Côte d'Ivoire: L'article 177 de l'avant-projet de Constitution ou l'assassinat programmé d'une démocratie déjà agonisante.

Jeudi 6 Octobre 2016 - 19:56


L'article 177 de l'avant-projet de constitution, une véritable boîte de Pandore, un article malicieux, pernicieux, qui ouvre la voie à toutes les dérives en usurpant la souveraineté du peuple.

L'avant-projet de Constitution qui sera soumis à référendum au peuple ivoirien n'est pour nous rien d'autre qu'un assassinat programmé de la démocratie déjà agonisante depuis plusieurs années. En effet, alors que l'article 50 de cet avant-projet de Constitution déclare formellement que « La souveraineté appartient au peuple.
Aucune section du peuple ni aucun individu ne peut s'en attribuer l'exercice. », l'article 177 de cet avant-projet de Constitution, dans son alinéa 4 , après évocation de la voie référendaire comme unique voie de révision de la Constitution, soulève une contradiction dans l'alinéa 5 en ces termes « Toutefois, le projet ou la proposition de révision n’est pas présenté au référendum lorsque le Président de la République décide de le soumettre au Parlement. Dans ce cas, le projet ou la proposition de révision n’est adopté que s’il réunit la majorité des deux tiers des membres du Congrès effectivement en fonction. ». En clair, cet article 177 donne au Président de la République le pouvoir d'usurper la souveraineté du peuple avec le soutien de parlementaires corrompus acquis à sa cause. Par conséquent, plusieurs articles ainsi que l'article 55, précisant particulièrement les conditions d'éligibilité et la limitation des mandats, pourront être modifiés à souhait pour satisfaire les envies et les ambitions demesurées du Président de la République en exercice.
Ainsi, la volonté populaire issue du référendum pourra être trahie au lendemain du vote. A quoi servira le référendum ? Sans doute qu'il servira au transfert pernicieux de la souveraineté du peuple à un individu (Président de la République) et à des parlementaires corrompus acquis à sa cause.
Qui sont ces « experts juridiques », ayant à leur tête le professeur Ouraga Obou, qui ont pu proposer aux ivoiriens cette incongruité juridique ?
Tout ce chaos démocratique se produit dans un univers fait de centaines prisionniers politiques, de milliers d'exilés politiques et de restrictions drastiques des libertés des partis politiques.

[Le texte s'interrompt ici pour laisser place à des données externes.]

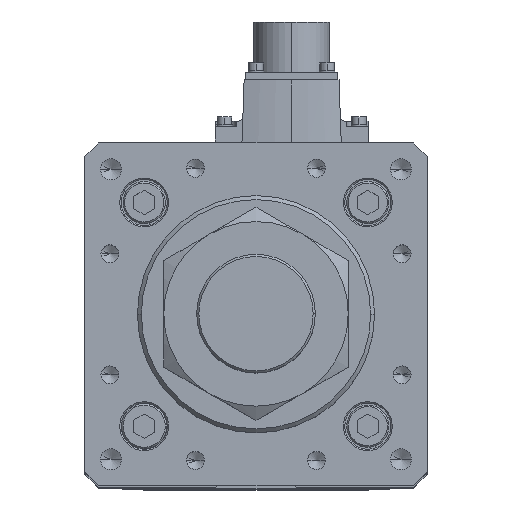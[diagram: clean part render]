
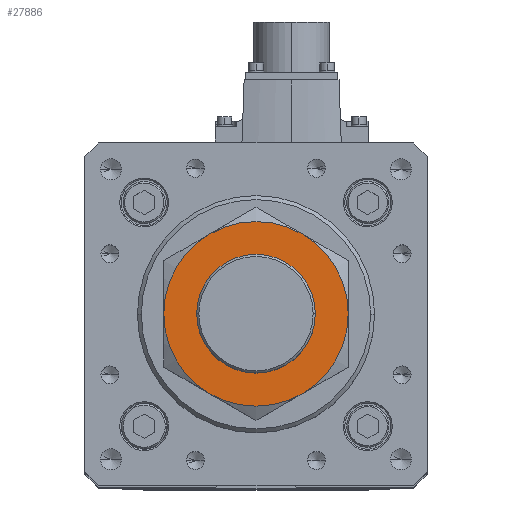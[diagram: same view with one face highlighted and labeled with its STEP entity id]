
A CAD part, top view. The second image highlights one B-rep face of the part: STEP entity #27886.
In plain terms, the highlighted planar face has unit normal (0, 0, 1).
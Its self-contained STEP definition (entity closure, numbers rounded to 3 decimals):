
#131 = DIRECTION ( 'NONE',  ( -1., 0., 0. ) ) ;
#528 = EDGE_CURVE ( 'NONE', #656, #17947, #2746, .T. ) ;
#656 = VERTEX_POINT ( 'NONE', #18770 ) ;
#1870 = CARTESIAN_POINT ( 'NONE',  ( 0., 0., 27. ) ) ;
#2219 = DIRECTION ( 'NONE',  ( -1., 0., 0. ) ) ;
#2746 = CIRCLE ( 'NONE', #27304, 35. ) ;
#3109 = ORIENTED_EDGE ( 'NONE', *, *, #23809, .F. ) ;
#3221 = CARTESIAN_POINT ( 'NONE',  ( 0., 0., 27. ) ) ;
#3874 = ORIENTED_EDGE ( 'NONE', *, *, #34702, .F. ) ;
#4508 = AXIS2_PLACEMENT_3D ( 'NONE', #1870, #7767, #28419 ) ;
#4812 = EDGE_LOOP ( 'NONE', ( #3874, #38188 ) ) ;
#6763 = EDGE_CURVE ( 'NONE', #25209, #36532, #38002, .T. ) ;
#7452 = EDGE_CURVE ( 'NONE', #33281, #16423, #29182, .T. ) ;
#7521 = CARTESIAN_POINT ( 'NONE',  ( -17.5, 30.311, 27. ) ) ;
#7767 = DIRECTION ( 'NONE',  ( 0., 0., -1. ) ) ;
#8500 = EDGE_LOOP ( 'NONE', ( #19190, #20184, #22836, #3109, #28702, #24764 ) ) ;
#9284 = DIRECTION ( 'NONE',  ( -1., 0., 0. ) ) ;
#9311 = EDGE_CURVE ( 'NONE', #17947, #35873, #19419, .T. ) ;
#9423 = DIRECTION ( 'NONE',  ( 0., 0., 1. ) ) ;
#10669 = EDGE_CURVE ( 'NONE', #16423, #656, #23526, .T. ) ;
#11019 = CIRCLE ( 'NONE', #4508, 35. ) ;
#11380 = DIRECTION ( 'NONE',  ( 1., 0., 0. ) ) ;
#11591 = CARTESIAN_POINT ( 'NONE',  ( -35., 0., 27. ) ) ;
#12497 = AXIS2_PLACEMENT_3D ( 'NONE', #21303, #24139, #24266 ) ;
#14189 = CARTESIAN_POINT ( 'NONE',  ( 17.5, 30.311, 27. ) ) ;
#14256 = EDGE_CURVE ( 'NONE', #35873, #35229, #11019, .T. ) ;
#15256 = AXIS2_PLACEMENT_3D ( 'NONE', #3221, #15430, #9284 ) ;
#15430 = DIRECTION ( 'NONE',  ( 0., 0., -1. ) ) ;
#15842 = AXIS2_PLACEMENT_3D ( 'NONE', #28937, #23375, #11380 ) ;
#16138 = FACE_OUTER_BOUND ( 'NONE', #8500, .T. ) ;
#16242 = CARTESIAN_POINT ( 'NONE',  ( 0., 0., 27. ) ) ;
#16423 = VERTEX_POINT ( 'NONE', #14189 ) ;
#16995 = DIRECTION ( 'NONE',  ( 0., 0., -1. ) ) ;
#17131 = AXIS2_PLACEMENT_3D ( 'NONE', #26558, #32109, #131 ) ;
#17947 = VERTEX_POINT ( 'NONE', #33517 ) ;
#18680 = CARTESIAN_POINT ( 'NONE',  ( 0., 0., 27. ) ) ;
#18770 = CARTESIAN_POINT ( 'NONE',  ( 35., 0., 27. ) ) ;
#19190 = ORIENTED_EDGE ( 'NONE', *, *, #528, .F. ) ;
#19234 = DIRECTION ( 'NONE',  ( -1., 0., 0. ) ) ;
#19419 = CIRCLE ( 'NONE', #12497, 35. ) ;
#20184 = ORIENTED_EDGE ( 'NONE', *, *, #10669, .F. ) ;
#20884 = CARTESIAN_POINT ( 'NONE',  ( 0., 0., 27. ) ) ;
#21303 = CARTESIAN_POINT ( 'NONE',  ( 0., 0., 27. ) ) ;
#22062 = DIRECTION ( 'NONE',  ( 0., 0., 1. ) ) ;
#22836 = ORIENTED_EDGE ( 'NONE', *, *, #7452, .F. ) ;
#23375 = DIRECTION ( 'NONE',  ( 0., 0., 1. ) ) ;
#23526 = CIRCLE ( 'NONE', #15256, 35. ) ;
#23809 = EDGE_CURVE ( 'NONE', #35229, #33281, #34586, .T. ) ;
#24004 = FACE_BOUND ( 'NONE', #4812, .T. ) ;
#24139 = DIRECTION ( 'NONE',  ( 0., 0., -1. ) ) ;
#24266 = DIRECTION ( 'NONE',  ( -1., 0., 0. ) ) ;
#24764 = ORIENTED_EDGE ( 'NONE', *, *, #9311, .F. ) ;
#25209 = VERTEX_POINT ( 'NONE', #27949 ) ;
#26558 = CARTESIAN_POINT ( 'NONE',  ( 0., 0., 27. ) ) ;
#27304 = AXIS2_PLACEMENT_3D ( 'NONE', #34587, #16995, #2219 ) ;
#27886 = ADVANCED_FACE ( 'NONE', ( #16138, #24004 ), #36388, .T. ) ;
#27949 = CARTESIAN_POINT ( 'NONE',  ( 22.5, 0., 27. ) ) ;
#28194 = AXIS2_PLACEMENT_3D ( 'NONE', #20884, #9423, #29952 ) ;
#28419 = DIRECTION ( 'NONE',  ( -1., 0., 0. ) ) ;
#28702 = ORIENTED_EDGE ( 'NONE', *, *, #14256, .F. ) ;
#28937 = CARTESIAN_POINT ( 'NONE',  ( 0., 0., 27. ) ) ;
#29182 = CIRCLE ( 'NONE', #32975, 35. ) ;
#29952 = DIRECTION ( 'NONE',  ( 1., 0., 0. ) ) ;
#30996 = DIRECTION ( 'NONE',  ( 0., 0., -1. ) ) ;
#32109 = DIRECTION ( 'NONE',  ( 0., 0., -1. ) ) ;
#32975 = AXIS2_PLACEMENT_3D ( 'NONE', #16242, #30996, #19234 ) ;
#33281 = VERTEX_POINT ( 'NONE', #7521 ) ;
#33517 = CARTESIAN_POINT ( 'NONE',  ( 17.5, -30.311, 27. ) ) ;
#33837 = AXIS2_PLACEMENT_3D ( 'NONE', #18680, #22062, #36784 ) ;
#34586 = CIRCLE ( 'NONE', #17131, 35. ) ;
#34587 = CARTESIAN_POINT ( 'NONE',  ( 0., 0., 27. ) ) ;
#34643 = CARTESIAN_POINT ( 'NONE',  ( -22.5, 0., 27. ) ) ;
#34702 = EDGE_CURVE ( 'NONE', #36532, #25209, #35300, .T. ) ;
#35229 = VERTEX_POINT ( 'NONE', #11591 ) ;
#35300 = CIRCLE ( 'NONE', #28194, 22.5 ) ;
#35873 = VERTEX_POINT ( 'NONE', #37594 ) ;
#36388 = PLANE ( 'NONE',  #33837 ) ;
#36532 = VERTEX_POINT ( 'NONE', #34643 ) ;
#36784 = DIRECTION ( 'NONE',  ( 1., 0., 0. ) ) ;
#37594 = CARTESIAN_POINT ( 'NONE',  ( -17.5, -30.311, 27. ) ) ;
#38002 = CIRCLE ( 'NONE', #15842, 22.5 ) ;
#38188 = ORIENTED_EDGE ( 'NONE', *, *, #6763, .F. ) ;
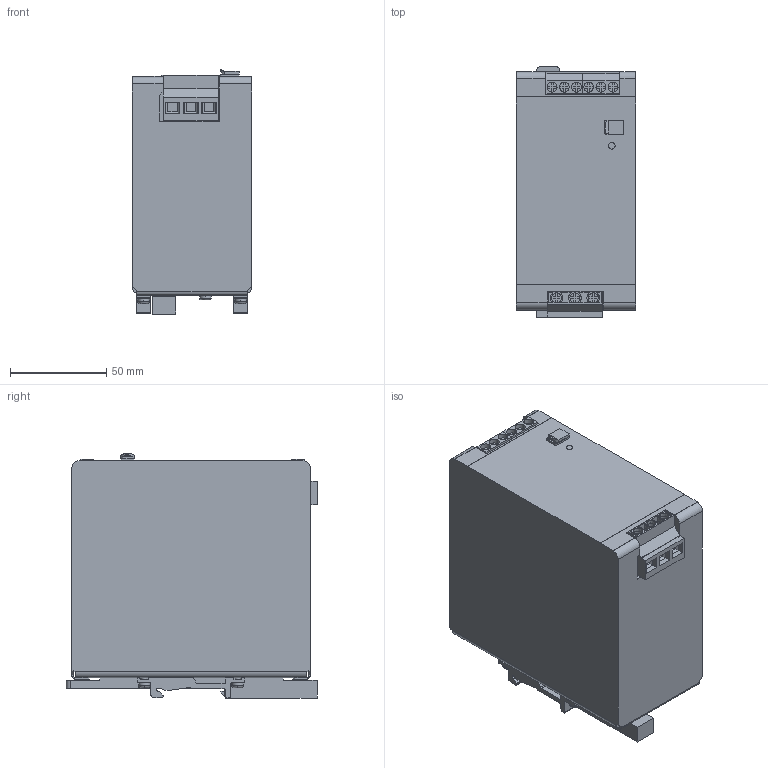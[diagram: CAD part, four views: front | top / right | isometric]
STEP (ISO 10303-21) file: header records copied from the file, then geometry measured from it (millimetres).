
FILE_DESCRIPTION( ( '' ), '1' );
FILE_NAME( '//expscmdclustefs.cadenas.external/client_exchange/iodir/jobs/output/wkb58025801_no0/STEP/DN4013_2_03.stp', '2013-05-15T08:13:26', ( '' ), ( '' ), ' ', ' ', ' ' );
FILE_SCHEMA( ( 'CONFIG_CONTROL_DESIGN' ) );
Length unit declared in the file: millimetre
Products named in the file (1): 1
Bounding box: 62 x 130.79 x 127.13 mm (x, y, z)
Volume: 880891 mm3; surface area: 72132 mm2
Topology: 1 solids, 1 shells, 610 faces, 1701 edges, 1120 vertices
Faces by surface type: plane 465, cylinder 121, torus 12, cone 12
Entity records: 19589 total; most frequent: CARTESIAN_POINT 3592, ORIENTED_EDGE 3402, DIRECTION 3199, EDGE_CURVE 1701, LINE 1377, VECTOR 1377, VERTEX_POINT 1120, AXIS2_PLACEMENT_3D 911

CI-DESSOUS L'ARTICLE 177 IN EXTENSO

Article 177

L'initiative de la révision de la Constitution appartient concurremment au Président de la République et aux membres du Parlement.
Le projet ou la proposition de loi portant révision de la Constitution est déposé simultanément devant les deux chambres du Parlement.
Pour être pris en considération, le projet ou la proposition de révision doit être voté à la majorité absolue des membres du Congrès.
La révision de la Constitution n'est définitive qu'après avoir été approuvée par référendum à la majorité absolue des suffrages exprimés.
Toutefois, le projet ou la proposition de révision n’est pas présenté au référendum lorsque le Président de la République décide de le soumettre au Parlement. Dans ce cas, le projet ou la proposition de révision n’est adopté que s’il réunit la majorité des deux tiers des membres du Congrès effectivement en fonction.
Le texte portant révision constitutionnelle, approuvé par référendum ou par voie parlementaire, est promulgué par le Président de la République et publié au Journal officiel de la République de Côte d’Ivoire.

Yoro Polinovici




Politique | Economie | Société | Vidéo | Agenda | Religion | Culture | Santé | Diaspora | Contact





WWW.ABIDJAN.ME
UN SITE A VISITER ABSOLUMENT !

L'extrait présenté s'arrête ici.